## Available records
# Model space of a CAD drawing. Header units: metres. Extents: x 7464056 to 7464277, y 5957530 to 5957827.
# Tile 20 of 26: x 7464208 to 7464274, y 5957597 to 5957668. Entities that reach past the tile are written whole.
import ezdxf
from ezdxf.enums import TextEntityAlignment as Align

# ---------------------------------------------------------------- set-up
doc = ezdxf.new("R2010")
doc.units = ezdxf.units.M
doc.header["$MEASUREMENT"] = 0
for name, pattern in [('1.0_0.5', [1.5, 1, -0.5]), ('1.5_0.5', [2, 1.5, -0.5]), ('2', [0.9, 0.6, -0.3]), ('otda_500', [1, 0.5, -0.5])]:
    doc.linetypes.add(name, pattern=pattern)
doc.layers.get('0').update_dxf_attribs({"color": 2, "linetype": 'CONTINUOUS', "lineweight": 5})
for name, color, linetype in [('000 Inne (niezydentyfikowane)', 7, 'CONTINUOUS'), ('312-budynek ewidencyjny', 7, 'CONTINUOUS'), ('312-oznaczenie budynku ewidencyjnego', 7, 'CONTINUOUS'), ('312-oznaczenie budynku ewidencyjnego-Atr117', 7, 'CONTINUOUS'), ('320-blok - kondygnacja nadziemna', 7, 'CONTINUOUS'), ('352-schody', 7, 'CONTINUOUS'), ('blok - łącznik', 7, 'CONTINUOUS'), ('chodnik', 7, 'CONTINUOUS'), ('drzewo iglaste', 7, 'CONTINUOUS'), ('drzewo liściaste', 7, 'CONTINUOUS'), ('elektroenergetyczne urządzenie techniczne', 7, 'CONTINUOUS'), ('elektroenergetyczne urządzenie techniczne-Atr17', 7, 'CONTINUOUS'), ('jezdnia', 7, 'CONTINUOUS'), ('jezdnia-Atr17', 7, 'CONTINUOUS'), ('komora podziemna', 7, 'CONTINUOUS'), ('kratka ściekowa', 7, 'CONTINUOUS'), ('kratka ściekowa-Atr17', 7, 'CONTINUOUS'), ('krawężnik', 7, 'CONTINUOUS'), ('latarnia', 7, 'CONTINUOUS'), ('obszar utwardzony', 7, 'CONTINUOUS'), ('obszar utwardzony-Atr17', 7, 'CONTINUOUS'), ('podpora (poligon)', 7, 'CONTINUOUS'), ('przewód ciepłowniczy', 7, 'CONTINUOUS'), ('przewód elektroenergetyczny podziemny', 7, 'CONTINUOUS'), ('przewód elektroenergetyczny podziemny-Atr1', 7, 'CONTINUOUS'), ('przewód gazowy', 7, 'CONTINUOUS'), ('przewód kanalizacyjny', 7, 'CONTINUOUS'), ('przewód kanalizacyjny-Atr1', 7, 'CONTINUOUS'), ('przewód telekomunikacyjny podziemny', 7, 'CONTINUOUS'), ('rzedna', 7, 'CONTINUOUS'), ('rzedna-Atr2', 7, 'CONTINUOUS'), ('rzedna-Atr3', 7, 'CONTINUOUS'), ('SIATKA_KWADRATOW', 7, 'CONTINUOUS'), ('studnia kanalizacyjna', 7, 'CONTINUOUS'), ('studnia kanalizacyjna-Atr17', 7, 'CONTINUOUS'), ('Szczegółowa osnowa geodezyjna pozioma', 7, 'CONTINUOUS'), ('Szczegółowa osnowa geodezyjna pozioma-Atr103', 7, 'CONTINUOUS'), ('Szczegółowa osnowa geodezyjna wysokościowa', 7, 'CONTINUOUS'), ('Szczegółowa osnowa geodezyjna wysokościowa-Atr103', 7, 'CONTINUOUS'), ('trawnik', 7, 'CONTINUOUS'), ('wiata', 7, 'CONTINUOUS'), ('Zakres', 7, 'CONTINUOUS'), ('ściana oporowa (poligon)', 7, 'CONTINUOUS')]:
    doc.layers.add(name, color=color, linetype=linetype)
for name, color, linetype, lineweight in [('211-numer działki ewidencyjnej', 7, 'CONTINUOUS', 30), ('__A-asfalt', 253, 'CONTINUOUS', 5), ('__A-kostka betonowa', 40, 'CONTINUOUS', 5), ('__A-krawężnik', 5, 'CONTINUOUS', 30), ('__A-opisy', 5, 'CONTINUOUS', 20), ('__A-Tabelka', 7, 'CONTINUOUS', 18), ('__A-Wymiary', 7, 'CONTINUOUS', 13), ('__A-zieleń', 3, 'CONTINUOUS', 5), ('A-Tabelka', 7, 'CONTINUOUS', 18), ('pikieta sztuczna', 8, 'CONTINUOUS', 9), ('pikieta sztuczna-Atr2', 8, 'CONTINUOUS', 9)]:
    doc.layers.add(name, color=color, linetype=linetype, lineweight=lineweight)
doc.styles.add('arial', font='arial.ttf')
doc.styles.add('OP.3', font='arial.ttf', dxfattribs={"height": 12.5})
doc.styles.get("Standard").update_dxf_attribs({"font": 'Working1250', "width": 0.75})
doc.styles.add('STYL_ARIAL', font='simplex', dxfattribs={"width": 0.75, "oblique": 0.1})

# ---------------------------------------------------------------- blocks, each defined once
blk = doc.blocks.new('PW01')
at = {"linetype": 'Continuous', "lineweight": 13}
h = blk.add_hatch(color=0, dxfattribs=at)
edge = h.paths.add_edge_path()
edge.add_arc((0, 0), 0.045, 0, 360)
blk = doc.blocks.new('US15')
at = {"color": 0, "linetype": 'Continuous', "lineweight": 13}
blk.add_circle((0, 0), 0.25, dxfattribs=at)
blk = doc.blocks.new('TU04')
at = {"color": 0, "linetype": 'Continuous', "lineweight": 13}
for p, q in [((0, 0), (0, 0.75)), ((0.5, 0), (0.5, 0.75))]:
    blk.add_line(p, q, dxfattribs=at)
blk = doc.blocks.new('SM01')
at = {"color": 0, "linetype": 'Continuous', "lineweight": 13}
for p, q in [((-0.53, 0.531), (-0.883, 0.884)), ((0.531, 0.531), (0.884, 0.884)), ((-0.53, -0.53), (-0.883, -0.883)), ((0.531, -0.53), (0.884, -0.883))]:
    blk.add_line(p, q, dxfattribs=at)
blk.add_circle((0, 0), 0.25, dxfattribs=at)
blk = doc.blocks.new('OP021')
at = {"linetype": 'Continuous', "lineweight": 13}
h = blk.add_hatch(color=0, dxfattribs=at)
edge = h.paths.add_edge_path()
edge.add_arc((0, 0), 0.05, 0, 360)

## Work request
Write out the records above exactly as given.

## Solution for this task
# Model space of a CAD drawing. Header units: metres. Extents: x 7464056 to 7464277, y 5957530 to 5957827.
# Tile 20 of 26: x 7464208 to 7464274, y 5957597 to 5957668. Entities that reach past the tile are written whole.
import ezdxf
from ezdxf.enums import TextEntityAlignment as Align

# ---------------------------------------------------------------- set-up
doc = ezdxf.new("R2010")
doc.units = ezdxf.units.M
doc.header["$MEASUREMENT"] = 0
for name, pattern in [('1.0_0.5', [1.5, 1, -0.5]), ('1.5_0.5', [2, 1.5, -0.5]), ('2', [0.9, 0.6, -0.3]), ('otda_500', [1, 0.5, -0.5])]:
    doc.linetypes.add(name, pattern=pattern)
doc.layers.get('0').update_dxf_attribs({"color": 2, "linetype": 'CONTINUOUS', "lineweight": 5})
for name, color, linetype in [('000 Inne (niezydentyfikowane)', 7, 'CONTINUOUS'), ('312-budynek ewidencyjny', 7, 'CONTINUOUS'), ('312-oznaczenie budynku ewidencyjnego', 7, 'CONTINUOUS'), ('312-oznaczenie budynku ewidencyjnego-Atr117', 7, 'CONTINUOUS'), ('320-blok - kondygnacja nadziemna', 7, 'CONTINUOUS'), ('352-schody', 7, 'CONTINUOUS'), ('blok - łącznik', 7, 'CONTINUOUS'), ('chodnik', 7, 'CONTINUOUS'), ('drzewo iglaste', 7, 'CONTINUOUS'), ('drzewo liściaste', 7, 'CONTINUOUS'), ('elektroenergetyczne urządzenie techniczne', 7, 'CONTINUOUS'), ('elektroenergetyczne urządzenie techniczne-Atr17', 7, 'CONTINUOUS'), ('jezdnia', 7, 'CONTINUOUS'), ('jezdnia-Atr17', 7, 'CONTINUOUS'), ('komora podziemna', 7, 'CONTINUOUS'), ('kratka ściekowa', 7, 'CONTINUOUS'), ('kratka ściekowa-Atr17', 7, 'CONTINUOUS'), ('krawężnik', 7, 'CONTINUOUS'), ('latarnia', 7, 'CONTINUOUS'), ('obszar utwardzony', 7, 'CONTINUOUS'), ('obszar utwardzony-Atr17', 7, 'CONTINUOUS'), ('podpora (poligon)', 7, 'CONTINUOUS'), ('przewód ciepłowniczy', 7, 'CONTINUOUS'), ('przewód elektroenergetyczny podziemny', 7, 'CONTINUOUS'), ('przewód elektroenergetyczny podziemny-Atr1', 7, 'CONTINUOUS'), ('przewód gazowy', 7, 'CONTINUOUS'), ('przewód kanalizacyjny', 7, 'CONTINUOUS'), ('przewód kanalizacyjny-Atr1', 7, 'CONTINUOUS'), ('przewód telekomunikacyjny podziemny', 7, 'CONTINUOUS'), ('rzedna', 7, 'CONTINUOUS'), ('rzedna-Atr2', 7, 'CONTINUOUS'), ('rzedna-Atr3', 7, 'CONTINUOUS'), ('SIATKA_KWADRATOW', 7, 'CONTINUOUS'), ('studnia kanalizacyjna', 7, 'CONTINUOUS'), ('studnia kanalizacyjna-Atr17', 7, 'CONTINUOUS'), ('Szczegółowa osnowa geodezyjna pozioma', 7, 'CONTINUOUS'), ('Szczegółowa osnowa geodezyjna pozioma-Atr103', 7, 'CONTINUOUS'), ('Szczegółowa osnowa geodezyjna wysokościowa', 7, 'CONTINUOUS'), ('Szczegółowa osnowa geodezyjna wysokościowa-Atr103', 7, 'CONTINUOUS'), ('trawnik', 7, 'CONTINUOUS'), ('wiata', 7, 'CONTINUOUS'), ('Zakres', 7, 'CONTINUOUS'), ('ściana oporowa (poligon)', 7, 'CONTINUOUS')]:
    doc.layers.add(name, color=color, linetype=linetype)
for name, color, linetype, lineweight in [('211-numer działki ewidencyjnej', 7, 'CONTINUOUS', 30), ('__A-asfalt', 253, 'CONTINUOUS', 5), ('__A-kostka betonowa', 40, 'CONTINUOUS', 5), ('__A-krawężnik', 5, 'CONTINUOUS', 30), ('__A-opisy', 5, 'CONTINUOUS', 20), ('__A-Tabelka', 7, 'CONTINUOUS', 18), ('__A-Wymiary', 7, 'CONTINUOUS', 13), ('__A-zieleń', 3, 'CONTINUOUS', 5), ('A-Tabelka', 7, 'CONTINUOUS', 18), ('pikieta sztuczna', 8, 'CONTINUOUS', 9), ('pikieta sztuczna-Atr2', 8, 'CONTINUOUS', 9)]:
    doc.layers.add(name, color=color, linetype=linetype, lineweight=lineweight)
doc.styles.add('arial', font='arial.ttf')
doc.styles.add('OP.3', font='arial.ttf', dxfattribs={"height": 12.5})
doc.styles.get("Standard").update_dxf_attribs({"font": 'Working1250', "width": 0.75})
doc.styles.add('STYL_ARIAL', font='simplex', dxfattribs={"width": 0.75, "oblique": 0.1})

# ---------------------------------------------------------------- blocks, each defined once
blk = doc.blocks.new('PW01')
at = {"linetype": 'Continuous', "lineweight": 13}
h = blk.add_hatch(color=0, dxfattribs=at)
edge = h.paths.add_edge_path()
edge.add_arc((0, 0), 0.045, 0, 360)
blk = doc.blocks.new('US15')
at = {"color": 0, "linetype": 'Continuous', "lineweight": 13}
blk.add_circle((0, 0), 0.25, dxfattribs=at)
blk = doc.blocks.new('TU04')
at = {"color": 0, "linetype": 'Continuous', "lineweight": 13}
for p, q in [((0, 0), (0, 0.75)), ((0.5, 0), (0.5, 0.75))]:
    blk.add_line(p, q, dxfattribs=at)
blk = doc.blocks.new('SM01')
at = {"color": 0, "linetype": 'Continuous', "lineweight": 13}
for p, q in [((-0.53, 0.531), (-0.883, 0.884)), ((0.531, 0.531), (0.884, 0.884)), ((-0.53, -0.53), (-0.883, -0.883)), ((0.531, -0.53), (0.884, -0.883))]:
    blk.add_line(p, q, dxfattribs=at)
blk.add_circle((0, 0), 0.25, dxfattribs=at)
blk = doc.blocks.new('OP021')
at = {"linetype": 'Continuous', "lineweight": 13}
h = blk.add_hatch(color=0, dxfattribs=at)
edge = h.paths.add_edge_path()
edge.add_arc((0, 0), 0.05, 0, 360)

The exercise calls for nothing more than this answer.